The response must restate all of the data word for word.

SOURCE RECORDS ->
★ ★ ★
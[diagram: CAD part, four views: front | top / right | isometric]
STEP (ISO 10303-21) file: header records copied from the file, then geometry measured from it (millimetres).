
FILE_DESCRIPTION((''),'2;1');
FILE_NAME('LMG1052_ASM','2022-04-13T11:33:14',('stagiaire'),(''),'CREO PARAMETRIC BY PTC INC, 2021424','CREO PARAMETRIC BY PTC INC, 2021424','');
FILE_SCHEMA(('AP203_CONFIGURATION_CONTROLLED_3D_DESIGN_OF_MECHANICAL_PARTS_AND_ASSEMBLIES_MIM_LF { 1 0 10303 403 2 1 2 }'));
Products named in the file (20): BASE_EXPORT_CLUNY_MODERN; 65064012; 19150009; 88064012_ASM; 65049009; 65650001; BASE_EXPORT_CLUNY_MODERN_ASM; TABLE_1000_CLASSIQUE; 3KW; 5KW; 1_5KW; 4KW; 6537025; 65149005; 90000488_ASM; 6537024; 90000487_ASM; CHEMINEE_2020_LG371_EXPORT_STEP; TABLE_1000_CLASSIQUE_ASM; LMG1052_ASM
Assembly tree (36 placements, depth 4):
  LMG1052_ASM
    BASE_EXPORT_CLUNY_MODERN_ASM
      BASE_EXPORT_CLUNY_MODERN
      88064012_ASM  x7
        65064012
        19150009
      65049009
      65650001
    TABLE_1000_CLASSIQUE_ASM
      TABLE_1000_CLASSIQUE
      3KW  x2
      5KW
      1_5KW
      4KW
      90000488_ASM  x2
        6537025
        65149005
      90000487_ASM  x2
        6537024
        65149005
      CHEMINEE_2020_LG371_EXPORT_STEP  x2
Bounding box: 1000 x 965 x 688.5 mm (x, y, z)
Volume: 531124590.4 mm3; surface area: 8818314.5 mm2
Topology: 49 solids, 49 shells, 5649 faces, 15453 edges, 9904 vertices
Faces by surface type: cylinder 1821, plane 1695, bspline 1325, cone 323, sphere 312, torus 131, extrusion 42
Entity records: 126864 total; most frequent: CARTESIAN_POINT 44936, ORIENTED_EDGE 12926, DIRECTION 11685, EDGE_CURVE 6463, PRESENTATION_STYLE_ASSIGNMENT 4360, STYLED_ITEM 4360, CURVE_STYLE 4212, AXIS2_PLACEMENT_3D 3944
★ ★ ★
REPLY ->
[diagram: CAD part, four views: front | top / right | isometric]
STEP (ISO 10303-21) file: header records copied from the file, then geometry measured from it (millimetres).
FILE_DESCRIPTION((''),'2;1');
FILE_NAME('LMG1052_ASM','2022-04-13T11:33:14',('stagiaire'),(''),'CREO PARAMETRIC BY PTC INC, 2021424','CREO PARAMETRIC BY PTC INC, 2021424','');
FILE_SCHEMA(('AP203_CONFIGURATION_CONTROLLED_3D_DESIGN_OF_MECHANICAL_PARTS_AND_ASSEMBLIES_MIM_LF { 1 0 10303 403 2 1 2 }'));
Products named in the file (20): BASE_EXPORT_CLUNY_MODERN; 65064012; 19150009; 88064012_ASM; 65049009; 65650001; BASE_EXPORT_CLUNY_MODERN_ASM; TABLE_1000_CLASSIQUE; 3KW; 5KW; 1_5KW; 4KW; 6537025; 65149005; 90000488_ASM; 6537024; 90000487_ASM; CHEMINEE_2020_LG371_EXPORT_STEP; TABLE_1000_CLASSIQUE_ASM; LMG1052_ASM
Assembly tree (36 placements, depth 4):
  LMG1052_ASM
    BASE_EXPORT_CLUNY_MODERN_ASM
      BASE_EXPORT_CLUNY_MODERN
      88064012_ASM  x7
        65064012
        19150009
      65049009
      65650001
    TABLE_1000_CLASSIQUE_ASM
      TABLE_1000_CLASSIQUE
      3KW  x2
      5KW
      1_5KW
      4KW
      90000488_ASM  x2
        6537025
        65149005
      90000487_ASM  x2
        6537024
        65149005
      CHEMINEE_2020_LG371_EXPORT_STEP  x2
Bounding box: 1000 x 965 x 688.5 mm (x, y, z)
Volume: 531124590.4 mm3; surface area: 8818314.5 mm2
Topology: 49 solids, 49 shells, 5649 faces, 15453 edges, 9904 vertices
Faces by surface type: cylinder 1821, plane 1695, bspline 1325, cone 323, sphere 312, torus 131, extrusion 42
Entity records: 126864 total; most frequent: CARTESIAN_POINT 44936, ORIENTED_EDGE 12926, DIRECTION 11685, EDGE_CURVE 6463, PRESENTATION_STYLE_ASSIGNMENT 4360, STYLED_ITEM 4360, CURVE_STYLE 4212, AXIS2_PLACEMENT_3D 3944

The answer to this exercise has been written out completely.